> Required action
In the records that follow, show each line where the word "solids" is present.

(Beginning of Information given)

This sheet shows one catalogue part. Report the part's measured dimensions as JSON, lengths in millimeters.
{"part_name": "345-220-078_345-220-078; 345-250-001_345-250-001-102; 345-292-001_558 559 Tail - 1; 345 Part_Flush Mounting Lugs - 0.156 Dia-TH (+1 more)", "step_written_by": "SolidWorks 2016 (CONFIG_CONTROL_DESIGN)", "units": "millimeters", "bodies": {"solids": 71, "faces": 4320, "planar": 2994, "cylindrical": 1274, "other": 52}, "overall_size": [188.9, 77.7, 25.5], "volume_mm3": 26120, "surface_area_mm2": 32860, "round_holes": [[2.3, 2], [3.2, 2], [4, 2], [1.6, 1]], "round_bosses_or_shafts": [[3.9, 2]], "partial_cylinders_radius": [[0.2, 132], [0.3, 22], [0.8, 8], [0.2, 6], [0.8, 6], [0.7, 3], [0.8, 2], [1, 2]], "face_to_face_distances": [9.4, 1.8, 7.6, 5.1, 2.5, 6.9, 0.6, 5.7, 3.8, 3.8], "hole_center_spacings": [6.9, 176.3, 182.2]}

(End of Information given)
(Beginning of Information given)

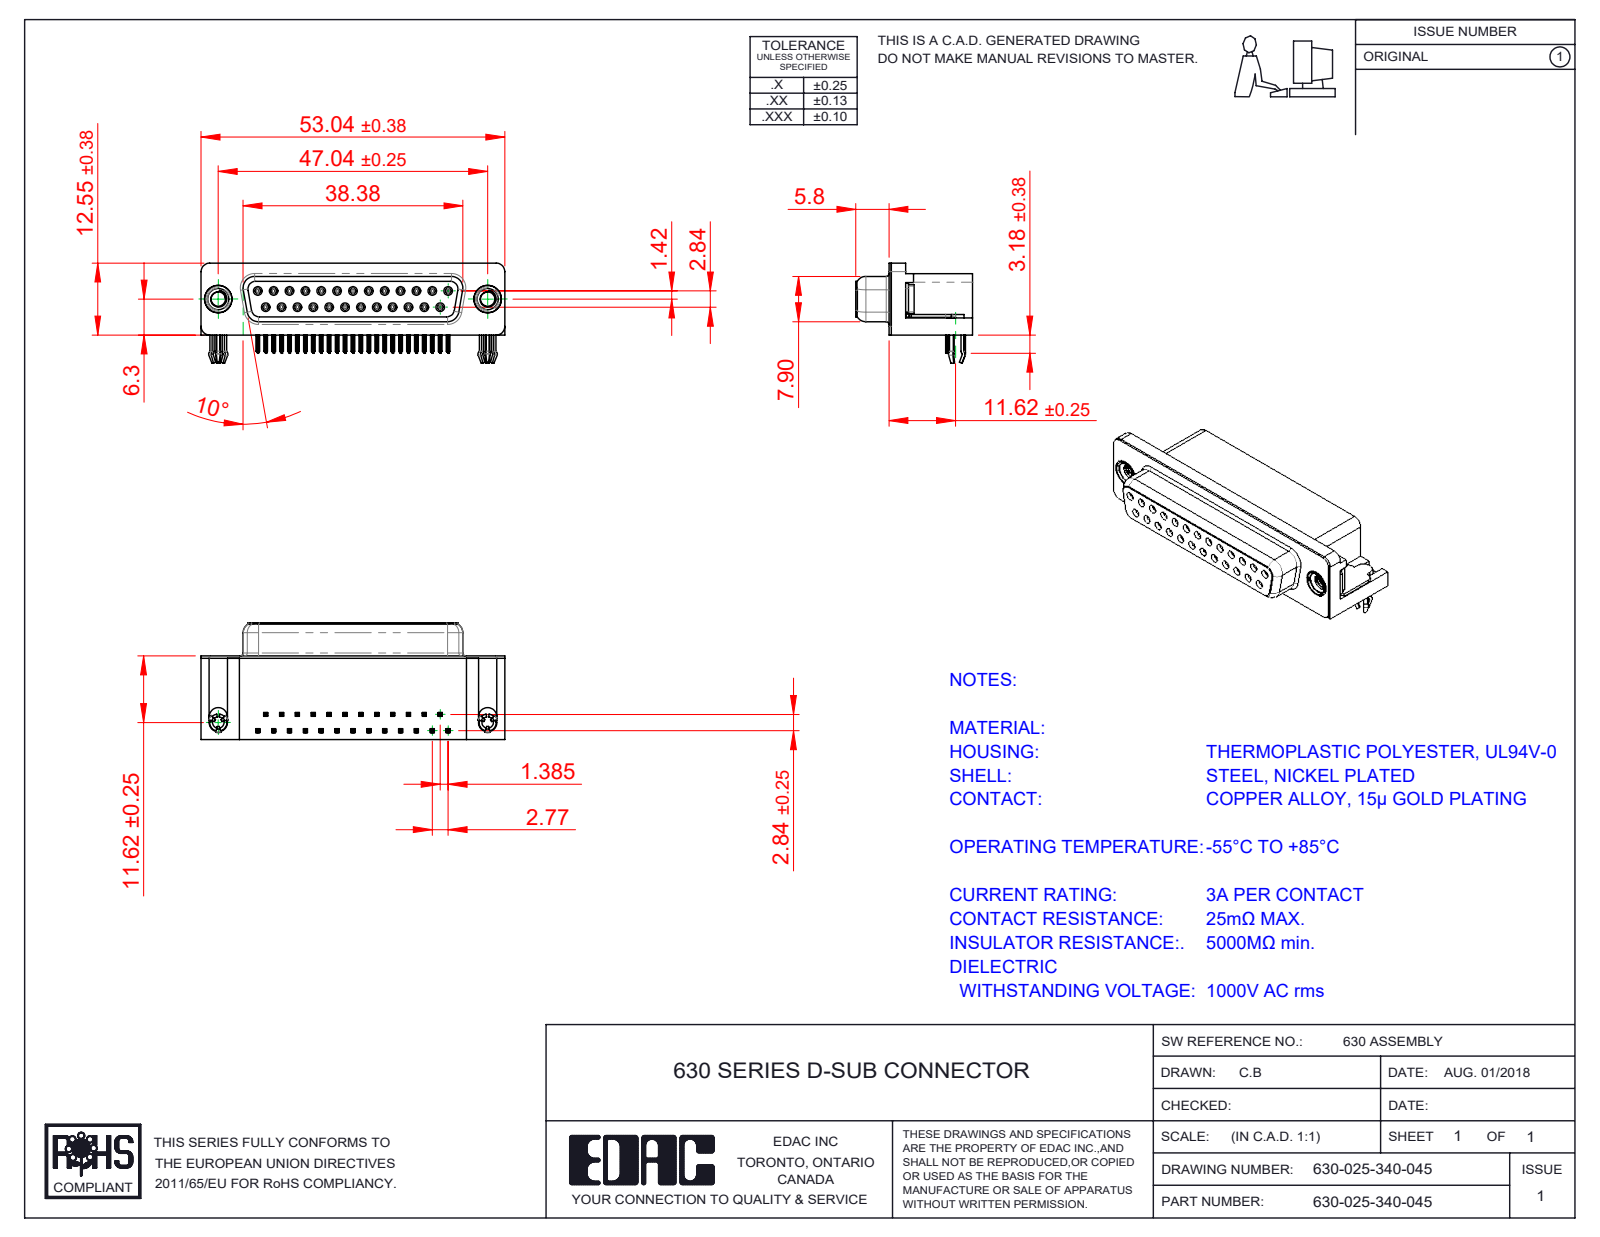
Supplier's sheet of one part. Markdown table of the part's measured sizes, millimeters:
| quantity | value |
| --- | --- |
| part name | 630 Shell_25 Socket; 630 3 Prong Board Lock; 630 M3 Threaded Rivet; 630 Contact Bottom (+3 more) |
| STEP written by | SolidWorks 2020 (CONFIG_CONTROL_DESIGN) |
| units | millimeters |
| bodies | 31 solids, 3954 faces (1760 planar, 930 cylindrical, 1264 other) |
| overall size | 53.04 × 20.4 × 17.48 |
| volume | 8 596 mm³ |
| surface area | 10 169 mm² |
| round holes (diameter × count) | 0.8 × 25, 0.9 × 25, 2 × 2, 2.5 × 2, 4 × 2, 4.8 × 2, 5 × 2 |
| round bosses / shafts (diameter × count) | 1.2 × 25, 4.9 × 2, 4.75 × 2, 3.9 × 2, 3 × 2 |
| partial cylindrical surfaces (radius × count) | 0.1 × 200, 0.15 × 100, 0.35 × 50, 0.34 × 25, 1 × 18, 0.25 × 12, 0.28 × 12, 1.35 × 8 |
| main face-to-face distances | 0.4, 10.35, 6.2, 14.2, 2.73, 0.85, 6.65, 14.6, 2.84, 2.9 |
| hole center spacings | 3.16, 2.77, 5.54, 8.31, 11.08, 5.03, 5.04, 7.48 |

(End of Information given)

> Solution
{"part_name": "345-220-078_345-220-078; 345-250-001_345-250-001-102; 345-292-001_558 559 Tail - 1; 345 Part_Flush Mounting Lugs - 0.156 Dia-TH (+1 more)", "step_written_by": "SolidWorks 2016 (CONFIG_CONTROL_DESIGN)", "units": "millimeters", "bodies": {"solids": 71, "faces": 4320, "planar": 2994, "cylindrical": 1274, "other": 52}, "overall_size": [188.9, 77.7, 25.5], "volume_mm3": 26120, "surface_area_mm2": 32860, "round_holes": [[2.3, 2], [3.2, 2], [4, 2], [1.6, 1]], "round_bosses_or_shafts": [[3.9, 2]], "partial_cylinders_radius": [[0.2, 132], [0.3, 22], [0.8, 8], [0.2, 6], [0.8, 6], [0.7, 3], [0.8, 2], [1, 2]], "face_to_face_distances": [9.4, 1.8, 7.6, 5.1, 2.5, 6.9, 0.6, 5.7, 3.8, 3.8], "hole_center_spacings": [6.9, 176.3, 182.2]}
| bodies | 31 solids, 3954 faces (1760 planar, 930 cylindrical, 1264 other) |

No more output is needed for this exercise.